- [Task prompt]: This exercise asks for an exact copy of every entry below, with pictures omitted.

- [Exercise input]:
###

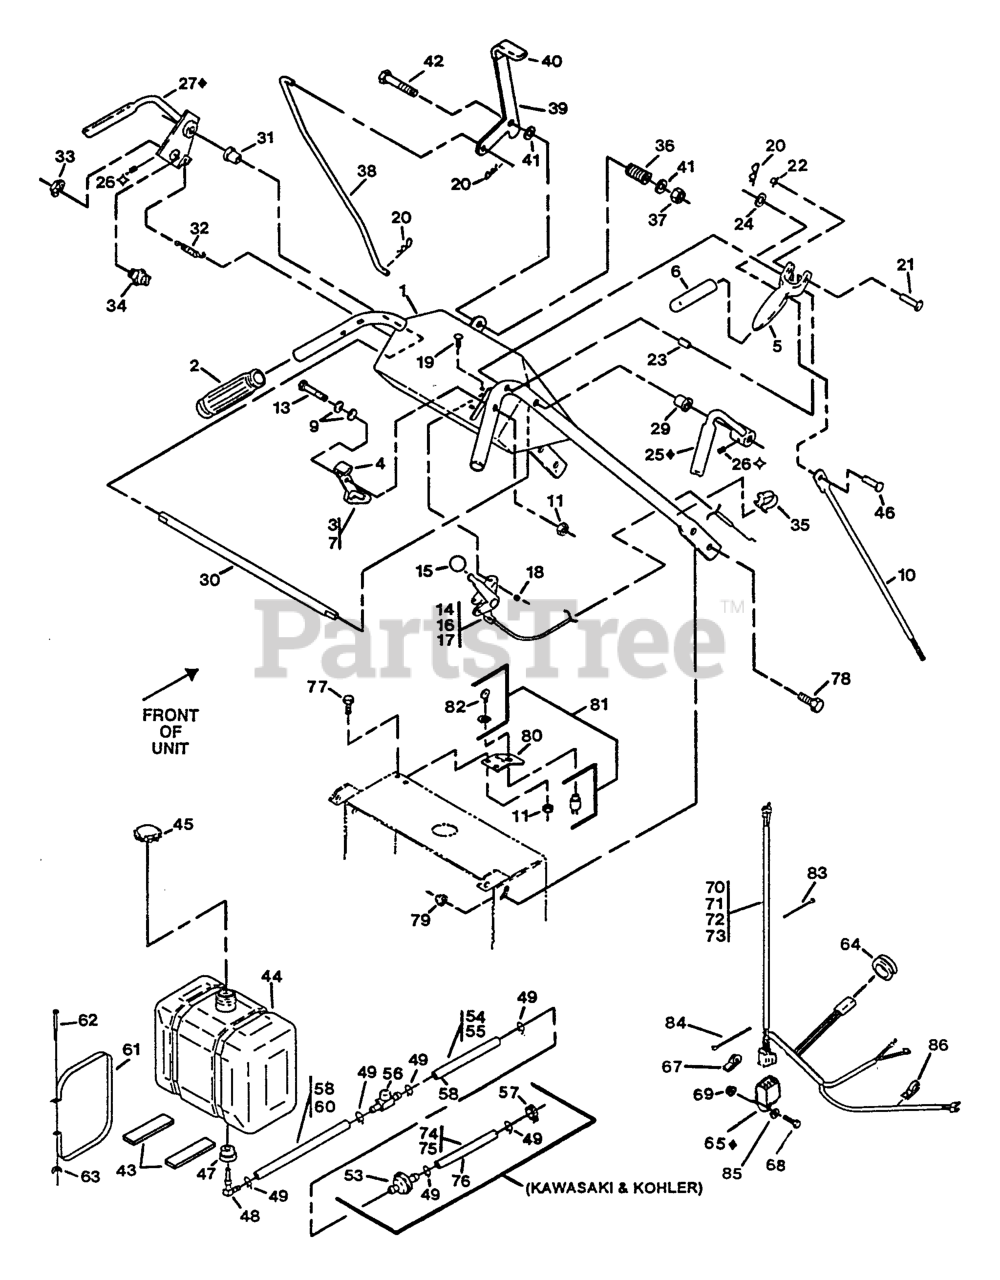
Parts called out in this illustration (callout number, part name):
3	LATCH,W/GRIP LH
4	GRIP-LATCH
5	DRIVE LEVER ASM
6	GRIP-LEVER, DRIVE
7	LATCH,W/GRIP RH
9	WASHER-SPRING
10	LINKAGE-WHEEL, DRIVE
14	CABLE-CONTROL, THROTTLE
15	KNOB-BALL
19	BOLT-CARR
20	PIN-COTTER
21	PIN-LEVER, DRIVE
22	NUT-PUSH
23	PIN-ROLL
26	SCREW-SET
29	BUSHING-NYLON
30	ROD,CONNECTING
31	BUSHING,FLANGED
32	SPRING-EXTENSION
34	SWITCH,OPERATOR CNTRL
35	CLIP-CABLE
36	SPRING-COMPRESSION
38	LINKAGE-BLADE, UPPER
40	GRIP-LEVER
43	PAD,PLASTIC TANK
45	CAP-FUEL
46	PIN,CLEVIS
48	ELBOW-TANK, FUEL
54	HOSE-LINE, FUEL
55	LINE-FUEL
56	VALVE-FUEL
57	CLAMP-HOSE
58	HOSE-FUEL
59	HOSE-FUEL
62	SCRW,MACH CRPH
63	WINGNUT
64	GROMMET
65	MODULE-INTERLOCK
67	CLIP-LOOM
74	HOSE-LINE, FUEL
75	HOSE-FUEL
76	LINE-FUEL
81	SWITCH & KEY (INCLUDES NU
82	KEYS-IGNITION (SPARE PAIR
83	TIE-PLASTIC
84	TIE-CABLE

###

- [Answer area]:
Parts called out in this illustration (callout number, part name):
3	LATCH,W/GRIP LH
4	GRIP-LATCH
5	DRIVE LEVER ASM
6	GRIP-LEVER, DRIVE
7	LATCH,W/GRIP RH
9	WASHER-SPRING
10	LINKAGE-WHEEL, DRIVE
14	CABLE-CONTROL, THROTTLE
15	KNOB-BALL
19	BOLT-CARR
20	PIN-COTTER
21	PIN-LEVER, DRIVE
22	NUT-PUSH
23	PIN-ROLL
26	SCREW-SET
29	BUSHING-NYLON
30	ROD,CONNECTING
31	BUSHING,FLANGED
32	SPRING-EXTENSION
34	SWITCH,OPERATOR CNTRL
35	CLIP-CABLE
36	SPRING-COMPRESSION
38	LINKAGE-BLADE, UPPER
40	GRIP-LEVER
43	PAD,PLASTIC TANK
45	CAP-FUEL
46	PIN,CLEVIS
48	ELBOW-TANK, FUEL
54	HOSE-LINE, FUEL
55	LINE-FUEL
56	VALVE-FUEL
57	CLAMP-HOSE
58	HOSE-FUEL
59	HOSE-FUEL
62	SCRW,MACH CRPH
63	WINGNUT
64	GROMMET
65	MODULE-INTERLOCK
67	CLIP-LOOM
74	HOSE-LINE, FUEL
75	HOSE-FUEL
76	LINE-FUEL
81	SWITCH & KEY (INCLUDES NU
82	KEYS-IGNITION (SPARE PAIR
83	TIE-PLASTIC
84	TIE-CABLE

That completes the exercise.